### TASK BRIEF
Determine how many lines below contain the word "from", then state only that figure.

***

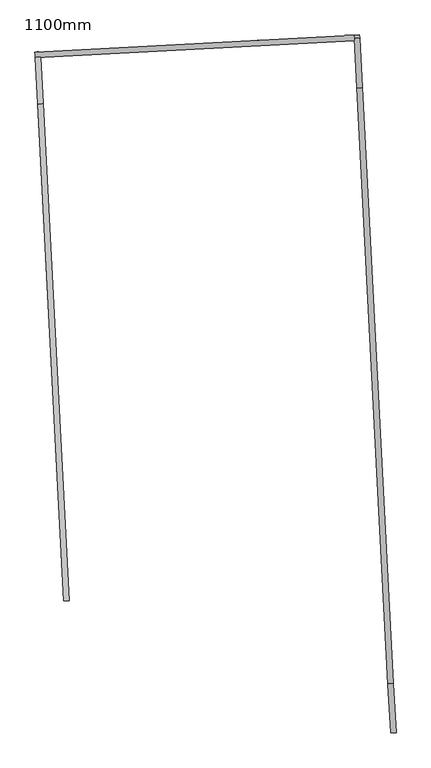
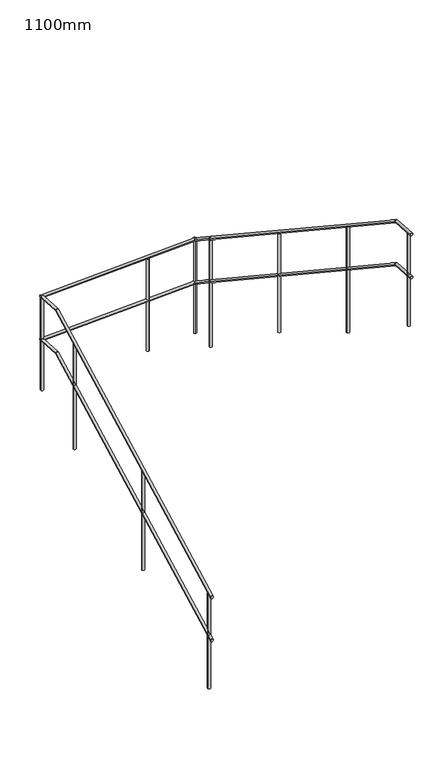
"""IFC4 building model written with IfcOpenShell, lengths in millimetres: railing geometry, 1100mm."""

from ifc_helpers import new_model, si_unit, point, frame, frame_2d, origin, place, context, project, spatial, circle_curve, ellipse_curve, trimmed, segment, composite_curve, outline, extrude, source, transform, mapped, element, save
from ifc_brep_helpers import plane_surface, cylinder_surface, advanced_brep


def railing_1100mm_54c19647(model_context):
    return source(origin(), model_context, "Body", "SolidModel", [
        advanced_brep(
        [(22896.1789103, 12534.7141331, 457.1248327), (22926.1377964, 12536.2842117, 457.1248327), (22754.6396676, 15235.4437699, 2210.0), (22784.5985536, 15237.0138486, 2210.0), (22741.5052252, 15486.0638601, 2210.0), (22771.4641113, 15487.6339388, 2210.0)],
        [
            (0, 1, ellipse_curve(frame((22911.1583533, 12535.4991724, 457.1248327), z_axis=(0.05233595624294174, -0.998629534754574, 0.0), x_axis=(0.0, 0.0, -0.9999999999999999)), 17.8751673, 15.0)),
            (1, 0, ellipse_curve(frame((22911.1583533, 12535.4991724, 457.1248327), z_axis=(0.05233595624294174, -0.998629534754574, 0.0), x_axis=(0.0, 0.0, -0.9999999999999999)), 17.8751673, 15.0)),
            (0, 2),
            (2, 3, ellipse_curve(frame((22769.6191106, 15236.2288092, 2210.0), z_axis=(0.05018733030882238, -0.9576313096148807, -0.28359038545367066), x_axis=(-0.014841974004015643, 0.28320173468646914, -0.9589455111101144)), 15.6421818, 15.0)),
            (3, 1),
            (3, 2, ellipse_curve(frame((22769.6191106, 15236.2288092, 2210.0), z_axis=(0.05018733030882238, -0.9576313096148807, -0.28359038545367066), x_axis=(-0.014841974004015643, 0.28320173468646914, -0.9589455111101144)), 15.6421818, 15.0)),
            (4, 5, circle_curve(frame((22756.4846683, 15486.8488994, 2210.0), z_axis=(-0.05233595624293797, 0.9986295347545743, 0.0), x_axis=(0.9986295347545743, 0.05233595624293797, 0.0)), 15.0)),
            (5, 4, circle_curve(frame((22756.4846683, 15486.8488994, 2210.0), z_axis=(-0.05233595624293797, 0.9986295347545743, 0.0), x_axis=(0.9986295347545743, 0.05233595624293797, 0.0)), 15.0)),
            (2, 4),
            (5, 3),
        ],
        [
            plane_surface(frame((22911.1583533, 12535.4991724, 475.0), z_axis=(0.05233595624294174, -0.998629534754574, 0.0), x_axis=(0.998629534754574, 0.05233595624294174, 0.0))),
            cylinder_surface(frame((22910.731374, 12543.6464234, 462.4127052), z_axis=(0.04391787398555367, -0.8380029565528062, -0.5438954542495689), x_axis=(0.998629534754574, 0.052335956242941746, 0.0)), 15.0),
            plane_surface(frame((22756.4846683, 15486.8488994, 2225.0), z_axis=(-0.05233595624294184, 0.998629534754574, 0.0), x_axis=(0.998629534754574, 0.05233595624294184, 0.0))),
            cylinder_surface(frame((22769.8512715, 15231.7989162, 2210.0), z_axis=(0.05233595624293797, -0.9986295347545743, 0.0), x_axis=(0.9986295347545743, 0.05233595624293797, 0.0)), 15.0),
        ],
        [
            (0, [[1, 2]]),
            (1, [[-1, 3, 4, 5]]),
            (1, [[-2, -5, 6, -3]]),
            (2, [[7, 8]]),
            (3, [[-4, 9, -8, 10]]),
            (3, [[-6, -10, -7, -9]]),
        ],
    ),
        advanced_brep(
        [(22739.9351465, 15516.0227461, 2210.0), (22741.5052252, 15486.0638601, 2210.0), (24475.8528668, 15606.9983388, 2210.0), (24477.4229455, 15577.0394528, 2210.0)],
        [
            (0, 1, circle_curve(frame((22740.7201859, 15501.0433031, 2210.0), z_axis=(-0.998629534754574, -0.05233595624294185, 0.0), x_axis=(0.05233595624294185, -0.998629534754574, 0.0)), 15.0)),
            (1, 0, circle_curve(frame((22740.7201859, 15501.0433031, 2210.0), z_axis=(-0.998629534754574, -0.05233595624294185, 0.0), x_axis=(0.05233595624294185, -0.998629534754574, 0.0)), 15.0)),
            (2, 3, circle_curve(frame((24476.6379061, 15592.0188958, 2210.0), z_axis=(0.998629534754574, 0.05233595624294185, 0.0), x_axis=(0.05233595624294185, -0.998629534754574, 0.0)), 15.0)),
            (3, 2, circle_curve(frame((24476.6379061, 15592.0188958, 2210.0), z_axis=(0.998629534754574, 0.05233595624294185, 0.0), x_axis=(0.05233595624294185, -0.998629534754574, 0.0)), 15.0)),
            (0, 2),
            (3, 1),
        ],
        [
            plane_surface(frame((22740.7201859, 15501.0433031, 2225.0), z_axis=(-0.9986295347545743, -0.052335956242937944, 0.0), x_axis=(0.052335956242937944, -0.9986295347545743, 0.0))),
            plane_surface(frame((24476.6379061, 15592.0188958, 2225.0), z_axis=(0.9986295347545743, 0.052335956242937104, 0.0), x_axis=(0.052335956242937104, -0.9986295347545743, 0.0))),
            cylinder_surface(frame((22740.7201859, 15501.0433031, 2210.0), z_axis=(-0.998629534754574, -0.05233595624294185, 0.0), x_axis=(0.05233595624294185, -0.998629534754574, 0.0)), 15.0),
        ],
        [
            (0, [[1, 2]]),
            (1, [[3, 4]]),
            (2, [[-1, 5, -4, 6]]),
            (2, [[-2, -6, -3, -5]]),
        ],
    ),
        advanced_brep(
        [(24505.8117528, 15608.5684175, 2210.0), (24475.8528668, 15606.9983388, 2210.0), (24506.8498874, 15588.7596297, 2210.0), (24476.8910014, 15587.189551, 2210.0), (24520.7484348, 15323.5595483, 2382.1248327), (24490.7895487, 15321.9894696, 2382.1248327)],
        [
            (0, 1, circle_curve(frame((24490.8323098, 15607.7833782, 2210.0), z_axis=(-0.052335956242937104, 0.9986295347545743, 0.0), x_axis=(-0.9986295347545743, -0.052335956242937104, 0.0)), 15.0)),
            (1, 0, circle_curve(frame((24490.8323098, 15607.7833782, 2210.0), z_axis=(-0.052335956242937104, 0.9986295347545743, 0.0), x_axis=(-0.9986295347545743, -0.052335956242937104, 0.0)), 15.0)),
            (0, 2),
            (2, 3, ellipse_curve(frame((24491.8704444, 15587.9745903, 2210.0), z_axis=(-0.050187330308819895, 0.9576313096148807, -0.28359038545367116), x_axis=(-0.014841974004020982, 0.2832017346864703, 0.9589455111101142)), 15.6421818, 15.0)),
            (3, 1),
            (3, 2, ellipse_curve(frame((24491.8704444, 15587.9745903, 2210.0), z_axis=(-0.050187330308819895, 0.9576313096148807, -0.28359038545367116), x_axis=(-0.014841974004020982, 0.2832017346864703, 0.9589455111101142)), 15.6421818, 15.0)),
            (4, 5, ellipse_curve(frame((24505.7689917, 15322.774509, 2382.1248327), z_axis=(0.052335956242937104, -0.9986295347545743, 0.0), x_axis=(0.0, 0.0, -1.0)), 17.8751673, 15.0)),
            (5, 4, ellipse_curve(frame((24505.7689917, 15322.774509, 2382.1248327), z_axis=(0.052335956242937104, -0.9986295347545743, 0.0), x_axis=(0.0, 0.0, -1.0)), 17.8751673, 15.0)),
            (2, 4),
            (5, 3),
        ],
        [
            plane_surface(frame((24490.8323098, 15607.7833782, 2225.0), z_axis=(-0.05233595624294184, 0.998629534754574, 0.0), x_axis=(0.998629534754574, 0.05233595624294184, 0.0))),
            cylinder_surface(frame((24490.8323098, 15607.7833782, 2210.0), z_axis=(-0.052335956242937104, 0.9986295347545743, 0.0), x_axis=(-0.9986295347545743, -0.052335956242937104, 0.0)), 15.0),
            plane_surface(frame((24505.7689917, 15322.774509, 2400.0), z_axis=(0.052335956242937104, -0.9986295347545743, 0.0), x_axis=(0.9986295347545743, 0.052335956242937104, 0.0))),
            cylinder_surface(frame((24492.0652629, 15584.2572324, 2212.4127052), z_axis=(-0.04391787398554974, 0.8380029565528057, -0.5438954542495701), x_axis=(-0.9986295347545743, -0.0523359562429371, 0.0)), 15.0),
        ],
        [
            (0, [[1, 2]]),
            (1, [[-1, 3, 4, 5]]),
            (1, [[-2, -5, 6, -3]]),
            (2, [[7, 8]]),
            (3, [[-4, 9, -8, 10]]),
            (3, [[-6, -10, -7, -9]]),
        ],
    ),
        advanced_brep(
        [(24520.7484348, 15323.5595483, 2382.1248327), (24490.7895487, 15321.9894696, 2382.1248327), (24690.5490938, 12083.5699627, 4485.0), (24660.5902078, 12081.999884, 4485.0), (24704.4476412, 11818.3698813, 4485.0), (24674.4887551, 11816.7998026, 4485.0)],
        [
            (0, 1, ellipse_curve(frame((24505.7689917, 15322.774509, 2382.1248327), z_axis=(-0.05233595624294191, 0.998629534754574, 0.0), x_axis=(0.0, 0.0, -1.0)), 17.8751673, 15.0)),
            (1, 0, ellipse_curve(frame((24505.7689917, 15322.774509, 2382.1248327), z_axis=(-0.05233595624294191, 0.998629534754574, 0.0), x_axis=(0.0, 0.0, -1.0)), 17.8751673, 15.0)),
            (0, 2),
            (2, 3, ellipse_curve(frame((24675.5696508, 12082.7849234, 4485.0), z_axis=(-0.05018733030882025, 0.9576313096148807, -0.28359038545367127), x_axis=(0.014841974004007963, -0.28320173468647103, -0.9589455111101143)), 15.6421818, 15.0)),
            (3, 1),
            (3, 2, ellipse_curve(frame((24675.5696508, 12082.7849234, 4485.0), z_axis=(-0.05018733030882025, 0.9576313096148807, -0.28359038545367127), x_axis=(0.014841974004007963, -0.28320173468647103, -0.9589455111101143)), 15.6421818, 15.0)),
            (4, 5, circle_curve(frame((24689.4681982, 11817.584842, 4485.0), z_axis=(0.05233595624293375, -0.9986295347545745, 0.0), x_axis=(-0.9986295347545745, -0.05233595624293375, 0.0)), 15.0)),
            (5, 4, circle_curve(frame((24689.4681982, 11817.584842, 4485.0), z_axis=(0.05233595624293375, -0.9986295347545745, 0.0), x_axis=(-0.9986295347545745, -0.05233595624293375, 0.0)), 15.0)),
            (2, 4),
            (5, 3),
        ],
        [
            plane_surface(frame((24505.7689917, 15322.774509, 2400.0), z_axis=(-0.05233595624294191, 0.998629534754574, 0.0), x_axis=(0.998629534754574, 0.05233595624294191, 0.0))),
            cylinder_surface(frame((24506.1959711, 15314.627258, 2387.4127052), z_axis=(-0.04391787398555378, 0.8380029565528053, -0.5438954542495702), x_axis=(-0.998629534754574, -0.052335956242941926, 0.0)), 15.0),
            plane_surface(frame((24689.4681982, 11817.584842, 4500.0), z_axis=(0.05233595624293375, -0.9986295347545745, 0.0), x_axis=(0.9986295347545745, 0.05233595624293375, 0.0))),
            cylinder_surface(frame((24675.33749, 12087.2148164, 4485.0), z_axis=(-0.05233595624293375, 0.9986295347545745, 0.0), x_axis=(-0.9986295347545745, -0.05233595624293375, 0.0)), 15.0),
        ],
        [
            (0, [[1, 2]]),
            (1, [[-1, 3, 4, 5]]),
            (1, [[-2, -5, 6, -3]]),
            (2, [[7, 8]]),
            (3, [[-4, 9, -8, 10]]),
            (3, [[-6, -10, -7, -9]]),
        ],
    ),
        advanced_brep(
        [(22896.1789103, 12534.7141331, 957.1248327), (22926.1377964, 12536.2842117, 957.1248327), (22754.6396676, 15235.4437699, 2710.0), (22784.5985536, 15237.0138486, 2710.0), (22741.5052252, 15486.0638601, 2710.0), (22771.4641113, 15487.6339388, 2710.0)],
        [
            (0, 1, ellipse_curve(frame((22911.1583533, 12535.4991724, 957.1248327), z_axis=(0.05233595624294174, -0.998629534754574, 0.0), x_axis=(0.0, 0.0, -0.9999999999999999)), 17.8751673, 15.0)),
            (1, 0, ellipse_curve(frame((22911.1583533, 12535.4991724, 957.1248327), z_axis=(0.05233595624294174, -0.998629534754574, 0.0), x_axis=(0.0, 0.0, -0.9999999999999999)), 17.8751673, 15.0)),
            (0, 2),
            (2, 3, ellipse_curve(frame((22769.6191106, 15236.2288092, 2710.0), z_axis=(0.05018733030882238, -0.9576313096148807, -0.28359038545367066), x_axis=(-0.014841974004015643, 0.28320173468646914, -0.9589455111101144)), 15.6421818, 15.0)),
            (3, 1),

***

### SOLUTION TO THIS EXERCISE
2